My name is Fernando Miró-Llinares, I am 46 years old and I was born in Ibi, a little town in the province of Alicante, in whose capital I have been living for 17 years. I am currently a Professor of Criminal Law and Criminology at the Miguel Hernández University in Elche, and I am the head of the CRÍMINA Research Centre for the Study and Prevention of Crime at the same university, a young but already leading research centre thanks to the tireless work of a magnificent human group with great research talent of which I am especially proud. Although I started my career as a Criminal Law teacher at the University of Alicante, I have been more than 20 years at the Miguel Hernández University, where I have been Dean of the Faculty of Social and Legal Sciences for 8 years.
At my University I have been teaching for 20 years in very diverse undergraduate and graduate courses, I have also promoted the creation of several university degrees, among them the Degree in Public and Private Security of the Miguel Hernández University, and I have directed several degree and graduate courses, being at present the Director of the Master in Analysis and Prevention of Crime and of the Phd Program in Criminology, from where I have directed 6 doctoral theses. I am also co-founder of PlusEthics, a spin-off of the Miguel Hernández University dedicated to provide legal and ethical design to R&D projects on Public Policies and Security especially related to technology and its social impact.
I consider myself essentially a university scholar, passionate about teaching and research, and involved in management when necessary. At the research level, I have been and am a lover of two worlds: on the one hand, that of the philosophy of justice and criminal law; on the other, that of the social scientific study of crime and the response to it and its social impact. I do not deny any of these disciplines and I humbly try to make contributions to both that are enriched by a vision that is far from labels and truly transdisciplinary. My scientific production has been constant, with more than 100 publications both national and international, among which my works on Criminal Law, Criminal Policy, Environmental Criminology, Crime Trends, and in particular in recent times Technology and Criminal Justice and Cybercrime should be highlighted. My main works have been published in Spanish, of course, and have had an impact both in Spain and Latin America. In recent years I have also published in English, particularly in relation to the analysis of crime in cyberspace and the application of the theories and applications of environmental criminology to crime perpetrated on the Internet.

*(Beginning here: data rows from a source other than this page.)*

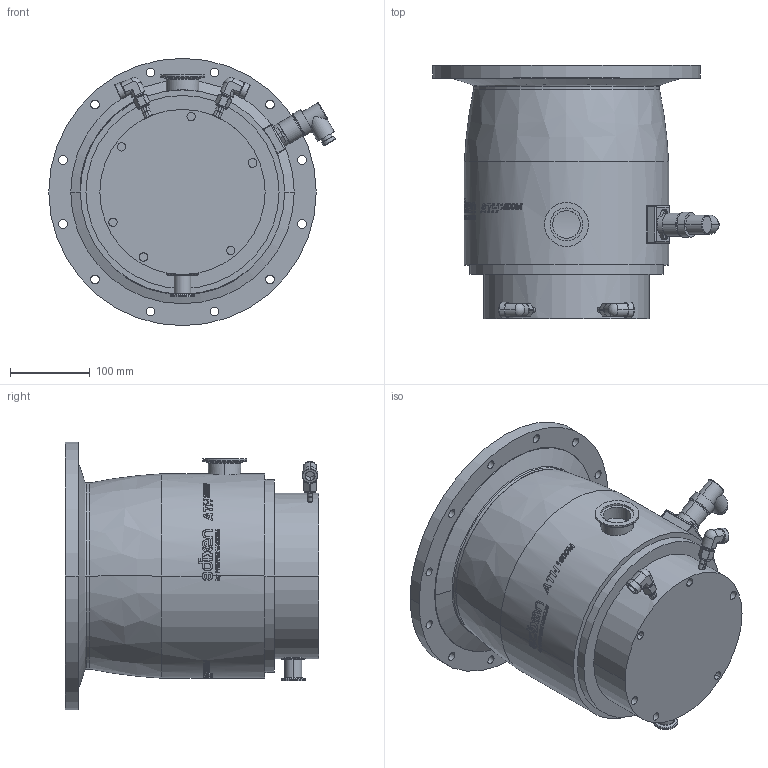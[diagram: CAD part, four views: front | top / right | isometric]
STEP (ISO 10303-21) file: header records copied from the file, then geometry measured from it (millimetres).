
FILE_DESCRIPTION((''),'2;1');
FILE_NAME('ENV-ATH1600M-P6662100','2012-06-08T',('RCRIADO'),(''),'PRO/ENGINEER BY PARAMETRIC TECHNOLOGY CORPORATION, 2010230','PRO/ENGINEER BY PARAMETRIC TECHNOLOGY CORPORATION, 2010230','');
FILE_SCHEMA(('CONFIG_CONTROL_DESIGN'));
Products named in the file (1): ENV-ATH1600M-P6662100
Bounding box: 358.82 x 317.22 x 335 mm (x, y, z)
Volume: 15302594.6 mm3; surface area: 481694.3 mm2
Topology: 1 solids, 4 shells, 1682 faces, 4545 edges, 2985 vertices
Faces by surface type: bspline 852, plane 459, cylinder 295, cone 38, torus 22, sphere 16
Entity records: 73588 total; most frequent: CARTESIAN_POINT 36101, ORIENTED_EDGE 9086, DIRECTION 5483, EDGE_CURVE 4543, VERTEX_POINT 2985, VECTOR 1951, LINE 1951, EDGE_LOOP 1860
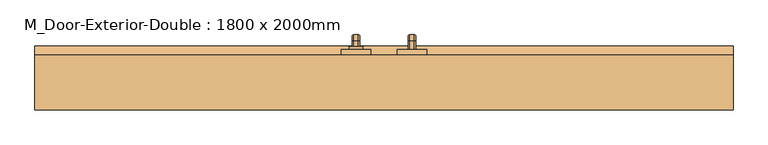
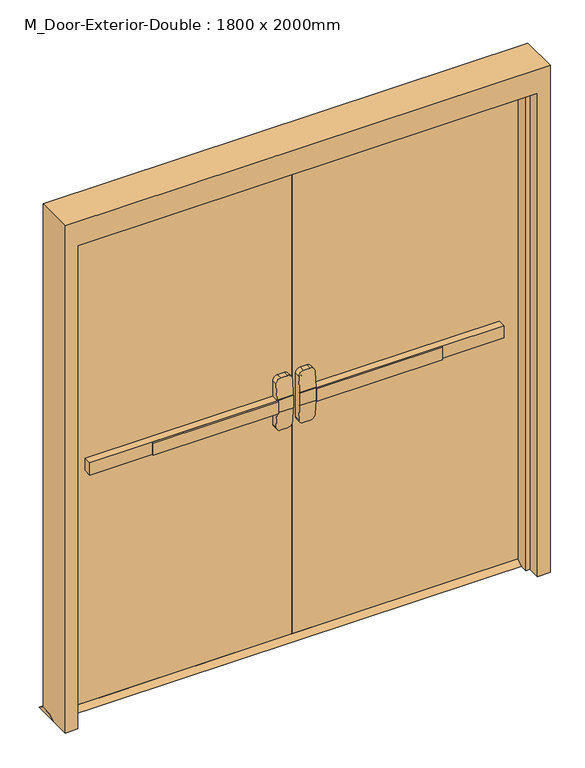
"""IFC4 building model written with IfcOpenShell, lengths in millimetres: door geometry, M_Door-Exterior-Double : 1800 x 2000mm."""

from ifc_helpers import new_model, si_unit, point, frame, frame_2d, origin, place, context, project, spatial, polyline, circle_curve, ellipse_curve, trimmed, segment, composite_curve, outline, extrude, faceted_brep, source, transform, mapped, element, save
from ifc_brep_helpers import plane_surface, cylinder_surface, revolved_surface, advanced_brep


def m_door_exterior_double_1800_x_2000mm_bb9cb4d2(model_context):
    return source(origin(), model_context, "Body", "SolidModel", [
        extrude(outline(polyline([(-566.1333333, 112.75), (-566.1333333, 119.1), (-76.2, 119.1), (-76.2, 112.75), (-566.1333333, 112.75)])), frame((0.0, 0.0, 974.6), z_axis=(0.0, 0.0, 1.0), x_axis=(1.0, 0.0, 0.0)), (0.0, 0.0, 1.0), 50.8),
        advanced_brep(
        [(-12.7, 119.1, 1025.4), (-76.2, 119.1, 1025.4), (-811.1, 119.1, 1025.4), (-811.1, 119.1, 974.6), (-76.2, 119.1, 974.6), (-12.7, 119.1, 974.6), (-811.1, 150.85, 1025.4), (-76.2, 150.85, 1025.4), (-76.2, 150.85, 1088.9), (-57.15, 150.85, 1107.95), (-31.75, 150.85, 1107.95), (-12.7, 150.85, 1088.9), (-12.7, 150.85, 911.1), (-31.75, 150.85, 892.05), (-57.15, 150.85, 892.05), (-76.2, 150.85, 911.1), (-76.2, 150.85, 974.6), (-811.1, 150.85, 974.6), (-12.7, 122.2752467, 1025.4), (-76.2, 122.2752467, 1025.4), (-12.7, 122.2752467, 974.6), (-12.7, 127.2854269, 911.1), (-12.7, 127.2854269, 1088.9), (-76.2, 122.2752467, 974.6), (-76.2, 127.2854269, 1088.9), (-76.2, 127.2854269, 911.1), (-57.15, 128.788481, 1107.95), (-31.75, 128.788481, 1107.95), (-31.75, 128.788481, 892.05), (-57.15, 128.788481, 892.05)],
        [
            (0, 1),
            (1, 2),
            (2, 3),
            (3, 4),
            (4, 5),
            (5, 0),
            (6, 7),
            (7, 8),
            (8, 9, circle_curve(frame((-57.15, 150.85, 1088.9), z_axis=(0.0, 1.0, 0.0), x_axis=(-1.0, 0.0, 0.0)), 19.05)),
            (9, 10),
            (10, 11, circle_curve(frame((-31.75, 150.85, 1088.9), z_axis=(0.0, 1.0, 0.0), x_axis=(-1.0, 0.0, 0.0)), 19.05)),
            (11, 12),
            (12, 13, circle_curve(frame((-31.75, 150.85, 911.1), z_axis=(0.0, 1.0, 0.0), x_axis=(-1.0, 0.0, 0.0)), 19.05)),
            (13, 14),
            (14, 15, circle_curve(frame((-57.15, 150.85, 911.1), z_axis=(0.0, 1.0, 0.0), x_axis=(-1.0, 0.0, 0.0)), 19.05)),
            (15, 16),
            (16, 17),
            (17, 6),
            (0, 18),
            (18, 19),
            (19, 7),
            (6, 2),
            (5, 20),
            (20, 21),
            (21, 12),
            (11, 22),
            (22, 18),
            (16, 23),
            (23, 20),
            (3, 17),
            (19, 24),
            (24, 8),
            (15, 25),
            (25, 23),
            (9, 26),
            (26, 27),
            (27, 10),
            (13, 28),
            (28, 29),
            (29, 14),
            (29, 25, ellipse_curve(frame((-57.15, 127.2854269, 911.1), z_axis=(0.0, 0.9969018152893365, 0.07865602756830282), x_axis=(0.0, -0.07865602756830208, 0.9969018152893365)), 19.1092038, 19.05)),
            (24, 26, ellipse_curve(frame((-57.15, 127.2854269, 1088.9), z_axis=(0.0, 0.9969018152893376, -0.07865602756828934), x_axis=(0.0, -0.078656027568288, -0.9969018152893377)), 19.1092038, 19.05)),
            (27, 22, ellipse_curve(frame((-31.75, 127.2854269, 1088.9), z_axis=(0.0, 0.9969018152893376, -0.07865602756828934), x_axis=(0.0, -0.078656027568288, -0.9969018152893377)), 19.1092038, 19.05)),
            (21, 28, ellipse_curve(frame((-31.75, 127.2854269, 911.1), z_axis=(0.0, 0.9969018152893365, 0.07865602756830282), x_axis=(0.0, -0.07865602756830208, 0.9969018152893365)), 19.1092038, 19.05)),
        ],
        [
            plane_surface(frame((-12.7, 119.1, 1025.4), z_axis=(0.0, -1.0, 0.0), x_axis=(1.0, 0.0, 0.0))),
            plane_surface(frame((-12.7, 150.85, 1025.4), z_axis=(0.0, 1.0, 0.0), x_axis=(-1.0, 0.0, 0.0))),
            plane_surface(frame((-811.1, 119.1, 1025.4), z_axis=(0.0, 0.0, 1.0), x_axis=(0.0, 1.0, 0.0))),
            plane_surface(frame((-12.7, 119.1, 1025.4), z_axis=(1.0, 0.0, 0.0), x_axis=(0.0, 1.0, 0.0))),
            plane_surface(frame((-12.7, 119.1, 974.6), z_axis=(0.0, 0.0, -1.0), x_axis=(0.0, 1.0, 0.0))),
            plane_surface(frame((-811.1, 119.1, 974.6), z_axis=(-1.0, 0.0, 0.0), x_axis=(0.0, 1.0, 0.0))),
            plane_surface(frame((-76.2, 122.2752467, 911.1), z_axis=(-1.0, 0.0, 0.0), x_axis=(0.0, 1.0, 0.0))),
            plane_surface(frame((-57.15, 122.2752467, 1107.95), z_axis=(0.0, 0.0, 1.0), x_axis=(0.0, 1.0, 0.0))),
            plane_surface(frame((-31.75, 122.2752467, 892.05), z_axis=(0.0, 0.0, -1.0), x_axis=(0.0, 1.0, 0.0))),
            cylinder_surface(frame((-57.15, 150.85, 911.1), z_axis=(0.0, -1.0, 0.0), x_axis=(-1.0, 0.0, 0.0)), 19.05),
            cylinder_surface(frame((-57.15, 150.85, 1088.9), z_axis=(0.0, -1.0, 0.0), x_axis=(-1.0, 0.0, 0.0)), 19.05),
            cylinder_surface(frame((-31.75, 150.85, 1088.9), z_axis=(0.0, -1.0, 0.0), x_axis=(-1.0, 0.0, 0.0)), 19.05),
            cylinder_surface(frame((-31.75, 150.85, 911.1), z_axis=(0.0, -1.0, 0.0), x_axis=(-1.0, 0.0, 0.0)), 19.05),
            plane_surface(frame((-76.2, 122.2752467, 1025.4), z_axis=(0.0, -0.9969018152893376, 0.07865602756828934), x_axis=(1.0, 0.0, 0.0))),
            plane_surface(frame((-76.2, 128.788481, 892.05), z_axis=(0.0, -0.9969018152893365, -0.07865602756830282), x_axis=(1.0, 0.0, 0.0))),
        ],
        [
            (0, [[1, 2, 3, 4, 5, 6]]),
            (1, [[7, 8, 9, 10, 11, 12, 13, 14, 15, 16, 17, 18]]),
            (2, [[-2, -1, 19, 20, 21, -7, 22]]),
            (3, [[23, 24, 25, -12, 26, 27, -19, -6]]),
            (4, [[-17, 28, 29, -23, -5, -4, 30]]),
            (5, [[-22, -18, -30, -3]]),
            (6, [[-21, 31, 32, -8]]),
            (6, [[33, 34, -28, -16]]),
            (7, [[35, 36, 37, -10]]),
            (8, [[38, 39, 40, -14]]),
            (9, [[-40, 41, -33, -15]]),
            (10, [[-32, 42, -35, -9]]),
            (11, [[-37, 43, -26, -11]]),
            (12, [[-25, 44, -38, -13]]),
            (13, [[-27, -43, -36, -42, -31, -20]]),
            (14, [[-29, -34, -41, -39, -44, -24]]),
        ],
    ),
        extrude(outline(polyline([(195.85, 15.0), (221.25, 0.0), (125.45, 0.0), (150.85, 15.0), (195.85, 15.0)])), frame((-950.0, 0.0, 0.0), z_axis=(1.0, 0.0, 0.0), x_axis=(0.0, 1.0, 0.0)), (0.0, 0.0, 1.0), 1900.0),
        extrude(outline(polyline([(566.1333333, 112.75), (76.2, 112.75), (76.2, 119.1), (566.1333333, 119.1), (566.1333333, 112.75)])), frame((0.0, 0.0, 974.6), z_axis=(0.0, 0.0, 1.0), x_axis=(1.0, 0.0, 0.0)), (0.0, 0.0, 1.0), 50.8),
        advanced_brep(
        [(12.7, 119.1, 1025.4), (12.7, 119.1, 974.6), (76.2, 119.1, 974.6), (811.1, 119.1, 974.6), (811.1, 119.1, 1025.4), (76.2, 119.1, 1025.4), (811.1, 150.85, 1025.4), (811.1, 150.85, 974.6), (76.2, 150.85, 974.6), (76.2, 150.85, 911.1), (57.15, 150.85, 892.05), (31.75, 150.85, 892.05), (12.7, 150.85, 911.1), (12.7, 150.85, 1088.9), (31.75, 150.85, 1107.95), (57.15, 150.85, 1107.95), (76.2, 150.85, 1088.9), (76.2, 150.85, 1025.4), (76.2, 122.2752467, 1025.4), (12.7, 122.2752467, 1025.4), (12.7, 127.2854269, 1088.9), (12.7, 127.2854269, 911.1), (12.7, 122.2752467, 974.6), (76.2, 122.2752467, 974.6), (76.2, 127.2854269, 911.1), (76.2, 127.2854269, 1088.9), (31.75, 128.788481, 1107.95), (57.15, 128.788481, 1107.95), (57.15, 128.788481, 892.05), (31.75, 128.788481, 892.05)],
        [
            (0, 1),
            (1, 2),
            (2, 3),
            (3, 4),
            (4, 5),
            (5, 0),
            (6, 7),
            (7, 8),
            (8, 9),
            (9, 10, circle_curve(frame((57.15, 150.85, 911.1), z_axis=(0.0, 1.0, 0.0), x_axis=(1.0, 0.0, 0.0)), 19.05)),
            (10, 11),
            (11, 12, circle_curve(frame((31.75, 150.85, 911.1), z_axis=(0.0, 1.0, 0.0), x_axis=(1.0, 0.0, 0.0)), 19.05)),
            (12, 13),
            (13, 14, circle_curve(frame((31.75, 150.85, 1088.9), z_axis=(0.0, 1.0, 0.0), x_axis=(1.0, 0.0, 0.0)), 19.05)),
            (14, 15),
            (15, 16, circle_curve(frame((57.15, 150.85, 1088.9), z_axis=(0.0, 1.0, 0.0), x_axis=(1.0, 0.0, 0.0)), 19.05)),
            (16, 17),
            (17, 6),
            (4, 6),
            (17, 18),
            (18, 19),
            (19, 0),
            (19, 20),
            (20, 13),
            (12, 21),
            (21, 22),
            (22, 1),
            (7, 3),
            (22, 23),
            (23, 8),
            (23, 24),
            (24, 9),
            (16, 25),
            (25, 18),
            (14, 26),
            (26, 27),
            (27, 15),
            (10, 28),
            (28, 29),
            (29, 11),
            (24, 28, ellipse_curve(frame((57.15, 127.2854269, 911.1), z_axis=(0.0, 0.9969018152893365, 0.07865602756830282), x_axis=(0.0, -0.07865602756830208, 0.9969018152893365)), 19.1092038, 19.05)),
            (27, 25, ellipse_curve(frame((57.15, 127.2854269, 1088.9), z_axis=(0.0, 0.9969018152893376, -0.07865602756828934), x_axis=(0.0, -0.078656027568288, -0.9969018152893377)), 19.1092038, 19.05)),
            (20, 26, ellipse_curve(frame((31.75, 127.2854269, 1088.9), z_axis=(0.0, 0.9969018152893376, -0.07865602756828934), x_axis=(0.0, -0.078656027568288, -0.9969018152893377)), 19.1092038, 19.05)),
            (29, 21, ellipse_curve(frame((31.75, 127.2854269, 911.1), z_axis=(0.0, 0.9969018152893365, 0.07865602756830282), x_axis=(0.0, -0.07865602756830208, 0.9969018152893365)), 19.1092038, 19.05)),
        ],
        [
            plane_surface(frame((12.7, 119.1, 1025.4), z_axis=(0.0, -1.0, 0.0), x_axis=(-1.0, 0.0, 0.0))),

I am also a member of seven international networks of great reputation, among which are besides the European Society of Criminology, the American Society of Criminology, the European Society of Criminology, the International Society of Criminology, the COMJIB, or the Spanish Society of Criminological Investigation to which I am presenting myself as president in the coming weeks. I am also a member of the International Criminal Law Association and I have recently been designated General Rapporteur for the topic of Artificial Intelligence and Criminal Justice for the next four years.
As for research projects, during my career I have participated in more than 30 national and international research projects and contracts, being the lead researcher in more than 20 of them. Among them are the European projects “Pericles: Policy recommendation and improved communication tools for law enforcement and security agencies preventing violent radicalisation; “Arisa II. Assessing the Risk of Isolation of Suspects and Accused: The impact of the media”; “SAFETY4RAILS. Data-based analysis for SAFETY and security protection for detection, prevention, mitigation and response in trans-modal metro and Railway networks”; “SUCCES. Strengthening Criminology Teaching”; “IcARUS. Innovative Approach to Urban Security”; and “SECU4ALL. Training local authorities to provide citizens with a safe urban environment by reducing the terrorist attacks related risks in public spaces”. Also, national projects funded by the Spanish Government such as “NEXO. Criminology, empirical evidence and criminal policy. On the incorporation of scientific data for decision making in relation to the criminalisation of conducts”; “CiberHache. Incitement to violence and hate speech on the Internet. Real scope of the phenomenon, typologies, environmental factors and limits of legal intervention”; or “RISKMENT. Environmental risk assessment of accidents with alcohol: geographical variables, procedures and tools for improving the effectiveness of controls”. I would also like to highlight my work for the European Union in providing technical assistance for the formulation of a criminal investigation program in the SICA countries, as well as support for the Central American Security Strategy. Likewise, my work for the COMJIB, by participating in the elaboration of a pre-legislative work on the creation of a proposal of substantive criminal law on cybercrime in Latin America, or my participation in the expert commission for the elaboration of the reform of the Honduran Criminal Code.
Given the proposal made for my nomination, and with the essential spirit of learning much more about criminology in Europe and to contribute my experience to what is required, I have decided to accept and apply to become a member of the ESC Board. If I am elected, I will work hard to promote the essential work of the ESC and to continue to advance towards their goals.